Amount of volatilized arsenic by wild type and GE P. putida KT2440 in arsenic contaminated soil (20 mg/kg) and contaminated soil amended with As(III) (10 mg/kg). The value was mean ± SE and n = 3. The different letters above bars indicate significant differences (P < 0.005).

In future experiments, arsenic removal from contaminated soil by GE P. putida KT2440 expressing either RparM or RparsM-gfp in combination with plants will be examined. The rhizosphere is the most active portion in soil, which has important ecological implications for soil function, including biogeochemical cycles. Furthermore, a wider range of soil types, soil properties and soil with different arsenic contamination levels will be further utilized to evaluate the efficiency of GE P. putida in arsenic removal. The relative toxicity of an arsenical depends primarily on the species, whether it is inorganic or organic, its oxidation state and solubility. Inorganic trivalent arsenite has high toxicity and high mobility, but mineral-bound arsenicals such as sulfide forms are highly insoluble, so the efficiency for GE P. putida to removal these arsenic compounds need to be further evaluated. A better understanding of these processes is critical for maintaining the safety of our food supply.[39,40] A genetically engineered microbe that exhibits fluorescence when it methylates arsenic will be especially useful for monitoring this critical biogeochemical process at the plant root-soil interface. Our results suggest the potential feasibility of using symbosis between GE P. putida chromosomal expressing RparsM and plant as an efficient strategy for arsenic remediation from contaminated soil. Although more toxic MAs(III) and DMAs(III) are generated during this methylation pathway, both are rapidly methylated to the volatile end product TMAs(V)O. In addition, they are chemically unstable and are quickly oxidized to the nontoxic pentavalent forms. This process is promising for harnessing the root system of plants to increase yields of staple food crops.
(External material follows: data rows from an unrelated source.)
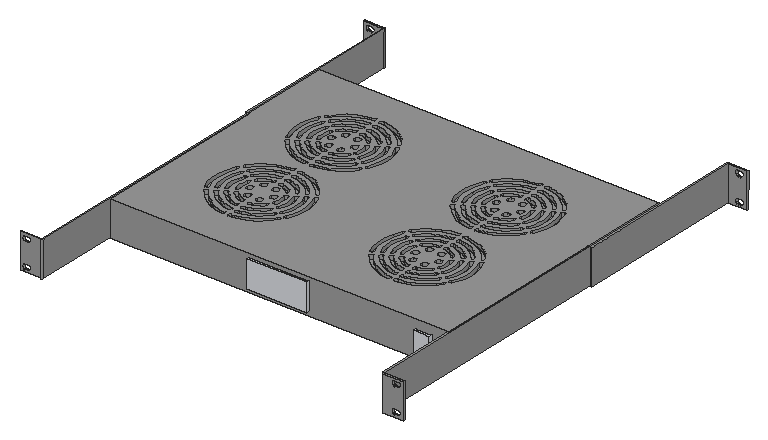
Revit family "ITK 19 вентиляционный модуль 1U 4 вентилятора с цифровым термостатом", category Электрооборудование, Revit 2016
Family settings
  Тип детали = Другая панель
  Размер круглого соединителя = Использовать диаметр
  На основе рабочей плоскости = Нет
  Всегда вертикально = Да
  При загрузке вырезать с полостями = Нет
  Общий = Нет
  Точка расчета площади = Нет
Parameters (values of type "FM05-1U4TS")
  Ширина = 482.5 mm
  Описание = "19-дюймовые вентиляторные модули предназначены для установки и использования в любых шкафах ITK и служат для организации принудительного охлаждения и вентиляции установленного в них активного оборудования.\r\n\r\nВентиляторные модули имеют два или четыре вентилятора, заключенных в единый металлический корпус черного цвета высотой 1U, комплектуются выключателем со светоиндикацией и цифровым термостатом с дисплеем. Диапазон регулировки температуры термостата: от 0 до 60°С. Номинальное рабочее напряжение: 230В. Частота тока: 50Гц. Минимальный срок службы: 50 тыс. часов. Подача рабочего напряжения на вентиляторный модуль осуществляется через встроенный кабель электропитания длиной 2 метра и вилкой немецкого стандарта (евровилка).\r\n\r\nМодули устанавливаются на 19-дюймовые монтажные профили над оборудованием, требующим локального охлаждения в конкретном месте шкафа, занимая при этом 1U высоты шкафа.\r\nСовместимы со всеми 19-доймовыми шкафами и стойками ITK.\r\nОбладают современным привлекательным дизайном и продуманной конструкцией.\r\nУдобны в монтаже и эксплуатации.\r\nСоответствие международным стандартам ISO9001, IEC 297, ISO/IEC 11801. \r\nСертифицированы по ГОСТ Р.\r\nВсе аксессуары идут с крепежом.\r\nВозможно исполнение в двух цветах: серый (RAL7035) и черный (RAL9005).\r\nВсегда в наличии на складе.\r\nГарантия на все аксессуары до 2-х лет."  # constant formula
  Материал = Окраска - RAL 9005
  Type Comments = ""
  Изготовитель = "ITK"  # constant formula
  Глубина = 542 mm
  Высота = 44 mm
  URL = "http://www.itk-group.ru/produktsiya/catalog/?page=section&id=570"
  ADSK_Ток = ADSK_Номинальная мощность / (ADSK_Коэффициент мощности * ADSK_Напряжение * sqrt(ADSK_Количество фаз числовое))  # 0 A
  ADSK_Примечание = ""
  ADSK_Полная мощность = ADSK_Номинальная мощность / ADSK_Коэффициент мощности  # 0 VA
  ADSK_Позиция [instance] = ""
  ADSK_Номинальная мощность = 0 W
  ADSK_Напряжение = 220 V
  ADSK_Наименование краткое = "FM05-1U4TS"
  ADSK_Наименование = "ITK 19\" вентил. модуль 1U 4 вентилятора с цифровым термостатом"
  ADSK_Масса = 0
  ADSK_Марка = "FM05-1U4TS"
  ADSK_Коэффициент мощности = 1
  ADSK_Количество фаз числовое = 1
  ADSK_Количество фаз = 1
  ADSK_Код изделия = ""
  ADSK_Классификация нагрузок = Прочее
  ADSK_Завод-изготовитель = "IEK"
  ADSK_Единица измерения = "шт"
  ADSK_Группирование = ""
Reference planes
  plane 1 "По центру (Вперед/Назад)": y = 0
  plane 2: z = 0
  plane 3 "По центру (Влево/Вправо)": x = 0
  plane 4: x = -241.25
  plane 5: x = 241.25
  plane 6: z = 44
  plane 7: y = -271
  plane 8: y = 271
Forms (mm)
  Extrusion 1, solid, material "Окраска - RAL 9005" <- "Материал", detail levels fine
    sketch origin (-1511.359, -1655.5, 1660) x (-1, 0, 0) y (0, -1, 0)
      loop
        line (-1270.109, -1386.5) -> (-1270.109, -1384.5) -> (-1296.109, -1384.5)
        arc (-1296.109, -1384.5) -> (-1297.523, -1385.086) -> (-1298.109, -1386.5) r 2
        line (-1298.109, -1386.5) -> (-1298.109, -1709.5) -> (-1296.109, -1709.5) -> (-1296.109, -1386.5) -> (-1270.109, -1386.5)
      loop
        line (-1752.609, -1386.5) -> (-1727.109, -1386.5) -> (-1727.109, -1709.5) -> (-1724.609, -1709.5) -> (-1724.609, -1386.5)
        arc (-1724.609, -1386.5) -> (-1725.195, -1385.086) -> (-1726.609, -1384.5) r 2
        line (-1726.609, -1384.5) -> (-1752.609, -1384.5) -> (-1752.609, -1386.5)
      loop
        line (-1752.609, -1924.5) -> (-1752.609, -1926.5) -> (-1728.609, -1926.5)
        arc (-1728.609, -1926.5) -> (-1727.195, -1925.914) -> (-1726.609, -1924.5) r 2
        line (-1726.609, -1924.5) -> (-1726.609, -1709.791) -> (-1728.609, -1709.791) -> (-1728.609, -1924.5) -> (-1752.609, -1924.5)
      loop
        line (-1270.109, -1924.5) -> (-1294.109, -1924.5) -> (-1294.109, -1709.812) -> (-1296.109, -1709.812) -> (-1296.109, -1924.5)
        arc (-1296.109, -1924.5) -> (-1295.523, -1925.914) -> (-1294.109, -1926.5) r 2
        line (-1294.109, -1926.5) -> (-1270.109, -1926.5) -> (-1270.109, -1924.5)
    from -1660 to -1616
  Extrusion 2, solid, material "Окраска - RAL 9005" <- "Материал", detail levels fine
    sketch origin (0, -26, 0) x (1, 0, 0) y (0, 1, 0)
      loop
        line (-213.25, 191.5) -> (-213.25, -139.5) -> (213.25, -139.5) -> (213.25, 191.5) -> (-213.25, 191.5)
    from 0 to 44
  Extrusion 3, void
    sketch origin (-2000, -271, 1200) x (1, 0, 0) y (0, 0, -1)
      loop
        line (1769, 1165.475) -> (1766, 1165.475)
        arc (1766, 1165.475) -> (1762.5, 1161.975) -> (1766, 1158.475) r 3.5
        line (1766, 1158.475) -> (1769, 1158.475)
        arc (1769, 1158.475) -> (1772.5, 1161.975) -> (1769, 1165.475) r 3.5
      loop
        line (1769, 1197.225) -> (1766, 1197.225)
        arc (1766, 1197.225) -> (1762.5, 1193.725) -> (1766, 1190.225) r 3.5
        line (1766, 1190.225) -> (1769, 1190.225)
        arc (1769, 1190.225) -> (1772.5, 1193.725) -> (1769, 1197.225) r 3.5
      loop
        line (2234, 1197.225) -> (2231, 1197.225)
        arc (2231, 1197.225) -> (2227.5, 1193.725) -> (2231, 1190.225) r 3.5
        line (2231, 1190.225) -> (2234, 1190.225)
        arc (2234, 1190.225) -> (2237.5, 1193.725) -> (2234, 1197.225) r 3.5
      loop
        line (2234, 1165.475) -> (2231, 1165.475)
        arc (2231, 1165.475) -> (2227.5, 1161.975) -> (2231, 1158.475) r 3.5
        line (2231, 1158.475) -> (2234, 1158.475)
        arc (2234, 1158.475) -> (2237.5, 1161.975) -> (2234, 1165.475) r 3.5
    from 0 to 542
  Extrusion 4, solid, detail levels fine
    sketch origin (-2000, -270.5, 1200) x (-1, 0, 0) y (0, 0, -1)
      loop
        line (-1962.5, 1160.45) -> (-1962.5, 1194.45) -> (-2037.5, 1194.45) -> (-2037.5, 1160.45) -> (-1962.5, 1160.45)
      loop
        line (-2172.1, 1167.35) -> (-2172.1, 1191.35) -> (-2191.6, 1191.35) -> (-2191.6, 1167.35) -> (-2172.1, 1167.35)
    from -105 to -101.6
  Extrusion 5, void
    sketch origin (0, -8, 0) x (1, 0, 0) y (0, 1, 0)
      loop
        arc (-52.018, -79.079) -> (-46.5, -54.5) -> (-52.018, -29.921) r 57.5
        arc (-52.018, -29.921) -> (-55.347, -28.729) -> (-56.538, -32.058) r 2.5
        arc (-56.538, -32.058) -> (-51.5, -54.5) -> (-56.538, -76.942) r 52.5
        arc (-56.538, -76.942) -> (-55.347, -80.271) -> (-52.018, -79.079) r 2.5
      loop
        arc (-99.295, -111.807) -> (-75.25, -104.296) -> (-56.723, -87.228) r 57.5
        arc (-56.723, -87.228) -> (-57.355, -83.749) -> (-60.834, -84.382) r 2.5
        arc (-60.834, -84.382) -> (-77.75, -99.966) -> (-99.705, -106.824) r 52.5
        arc (-99.705, -106.824) -> (-101.992, -109.52) -> (-99.295, -111.807) r 2.5
      loop
        arc (-151.277, -87.228) -> (-132.75, -104.296) -> (-108.705, -111.807) r 57.5
        arc (-108.705, -111.807) -> (-106.008, -109.52) -> (-108.295, -106.824) r 2.5
        arc (-108.295, -106.824) -> (-130.25, -99.966) -> (-147.166, -84.382) r 52.5
        arc (-147.166, -84.382) -> (-150.645, -83.749) -> (-151.277, -87.228) r 2.5
      loop
        arc (-155.982, -29.921) -> (-161.5, -54.5) -> (-155.982, -79.079) r 57.5
        arc (-155.982, -79.079) -> (-152.653, -80.271) -> (-151.462, -76.942) r 2.5
        arc (-151.462, -76.942) -> (-156.5, -54.5) -> (-151.462, -32.058) r 52.5
        arc (-151.462, -32.058) -> (-152.653, -28.729) -> (-155.982, -29.921) r 2.5
      loop
        arc (-108.705, 2.807) -> (-132.75, -4.704) -> (-151.277, -21.772) r 57.5
        arc (-151.277, -21.772) -> (-150.645, -25.251) -> (-147.166, -24.618) r 2.5
        arc (-147.166, -24.618) -> (-130.25, -9.034) -> (-108.295, -2.176) r 52.5
        arc (-108.295, -2.176) -> (-106.008, 0.52) -> (-108.705, 2.807) r 2.5
      loop
        arc (-60.834, -24.618) -> (-57.355, -25.251) -> (-56.723, -21.772) r 2.5
        arc (-56.723, -21.772) -> (-75.25, -4.704) -> (-99.295, 2.807) r 57.5
        arc (-99.295, 2.807) -> (-101.992, 0.52) -> (-99.705, -2.176) r 2.5
        arc (-99.705, -2.176) -> (-77.75, -9.034) -> (-60.834, -24.618) r 52.5
      loop
        arc (-78.177, -34.766) -> (-74.673, -35.235) -> (-74.204, -31.73) r 2.5
        arc (-74.204, -31.73) -> (-85.25, -22.024) -> (-99.179, -17.311) r 37.5
        arc (-99.179, -17.311) -> (-101.979, -19.469) -> (-99.821, -22.27) r 2.5
        arc (-99.821, -22.27) -> (-87.75, -26.354) -> (-78.177, -34.766) r 32.5
      loop
        arc (-108.179, -22.27) -> (-106.021, -19.469) -> (-108.821, -17.311) r 2.5
        arc (-108.821, -17.311) -> (-122.75, -22.024) -> (-133.796, -31.73) r 37.5
        arc (-133.796, -31.73) -> (-133.327, -35.235) -> (-129.823, -34.766) r 2.5
        arc (-129.823, -34.766) -> (-120.25, -26.354) -> (-108.179, -22.27) r 32.5
      loop
        arc (-134.002, -42.004) -> (-135.348, -38.735) -> (-138.617, -40.081) r 2.5
        arc (-138.617, -40.081) -> (-141.5, -54.5) -> (-138.617, -68.919) r 37.5
        arc (-138.617, -68.919) -> (-135.348, -70.265) -> (-134.002, -66.996) r 2.5
        arc (-134.002, -66.996) -> (-136.5, -54.5) -> (-134.002, -42.004) r 32.5
      loop
        arc (-129.823, -74.234) -> (-133.327, -73.765) -> (-133.796, -77.27) r 2.5
        arc (-133.796, -77.27) -> (-122.75, -86.976) -> (-108.821, -91.689) r 37.5
        arc (-108.821, -91.689) -> (-106.021, -89.531) -> (-108.179, -86.73) r 2.5
        arc (-108.179, -86.73) -> (-120.25, -82.646) -> (-129.823, -74.234) r 32.5
      loop
        arc (-99.95, -76.632) -> (-101.959, -79.542) -> (-99.05, -81.551) r 2.5
        arc (-99.05, -81.551) -> (-90.25, -78.316) -> (-83.048, -72.312) r 27.5
        arc (-83.048, -72.312) -> (-83.334, -68.788) -> (-86.858, -69.074) r 2.5
        arc (-86.858, -69.074) -> (-92.75, -73.986) -> (-99.95, -76.632) r 22.5
      loop
        arc (-82.808, -62.059) -> (-81.293, -65.253) -> (-78.098, -63.739) r 2.5
        arc (-78.098, -63.739) -> (-76.5, -54.5) -> (-78.098, -45.261) r 27.5
        arc (-78.098, -45.261) -> (-81.293, -43.747) -> (-82.808, -46.941) r 2.5
        arc (-82.808, -46.941) -> (-81.5, -54.5) -> (-82.808, -62.059) r 22.5
      loop
        arc (-73.998, -66.996) -> (-72.652, -70.265) -> (-69.383, -68.919) r 2.5
        arc (-69.383, -68.919) -> (-66.5, -54.5) -> (-69.383, -40.081) r 37.5
        arc (-69.383, -40.081) -> (-72.652, -38.735) -> (-73.998, -42.004) r 2.5
        arc (-73.998, -42.004) -> (-71.5, -54.5) -> (-73.998, -66.996) r 32.5
      loop
        arc (-65.253, -71.963) -> (-64.001, -75.269) -> (-60.695, -74.017) r 2.5
        arc (-60.695, -74.017) -> (-56.5, -54.5) -> (-60.695, -34.983) r 47.5
        arc (-60.695, -34.983) -> (-64.001, -33.731) -> (-65.253, -37.037) r 2.5
        arc (-65.253, -37.037) -> (-61.5, -54.5) -> (-65.253, -71.963) r 42.5
      loop
        arc (-69.503, -29.676) -> (-66.014, -30.245) -> (-65.445, -26.755) r 2.5
        arc (-65.445, -26.755) -> (-80.25, -13.364) -> (-99.25, -7.238) r 47.5
        arc (-99.25, -7.238) -> (-101.987, -9.476) -> (-99.75, -12.213) r 2.5
        arc (-99.75, -12.213) -> (-82.75, -17.694) -> (-69.503, -29.676) r 42.5
      loop
        arc (-108.25, -12.213) -> (-106.013, -9.476) -> (-108.75, -7.238) r 2.5
        arc (-108.75, -7.238) -> (-127.75, -13.364) -> (-142.555, -26.755) r 47.5
        arc (-142.555, -26.755) -> (-141.986, -30.245) -> (-138.497, -29.676) r 2.5
        arc (-138.497, -29.676) -> (-125.25, -17.694) -> (-108.25, -12.213) r 42.5
      loop
        arc (-142.747, -37.037) -> (-143.999, -33.731) -> (-147.305, -34.983) r 2.5
        arc (-147.305, -34.983) -> (-151.5, -54.5) -> (-147.305, -74.017) r 47.5
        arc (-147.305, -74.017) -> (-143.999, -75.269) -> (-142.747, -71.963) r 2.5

Of concern for any new bioremediation scheme is whether it is better and safer than the methods that it replaces. Large-scale interventions on arsenic-contaminated soil based on the GE strain described in this paper must be preceded by a thorough evidence-based risk assessment study to ensure safety to the surrounding animal, plant, and human landscape. In this context, the question of the toxicity and fate of TMAs(III) is key to diagnose the applicability of such an strategy. Bartolomeo Gasio (1863–1944) demonstrated that fungi grown on arsenic produced a gas that could kill rats.[41] This “Gosio Gas” was thought to be TMAs(III). However, recently Cullen has called this an “urban myth” and the has showed that TMAs(III) is entirely nontoxic.[42] Inhalation by animals or humans in the target site would be expected to result in rapid elimination in urine, resulting in a negligible hazard. If produced by soil bacteria during the day, the half-life of atmospheric TMAs(III) can be measured in minutes or 8 h[43] under daytime conditions. However, at night when there is no photodegradation, TMAs(III) is stable for days, providing sufficient time for the gas to be diluted into the “infinite sink” of the atmosphere. Subsequent photooxidation would ensure dispersed to areas of low arsenic. These hypothetical scenarios should be endowed with solid evidence and quantitative parameters before large-scale applications can be contemplated in earnest. While such studies are beyond the scope of this paper, we advocate our approach, that is, engineering soil microbes for arsenic methylation and volatilization as a valuable and worth considering avenue for tackling the phenomenal challenge of this type of environmental pollution.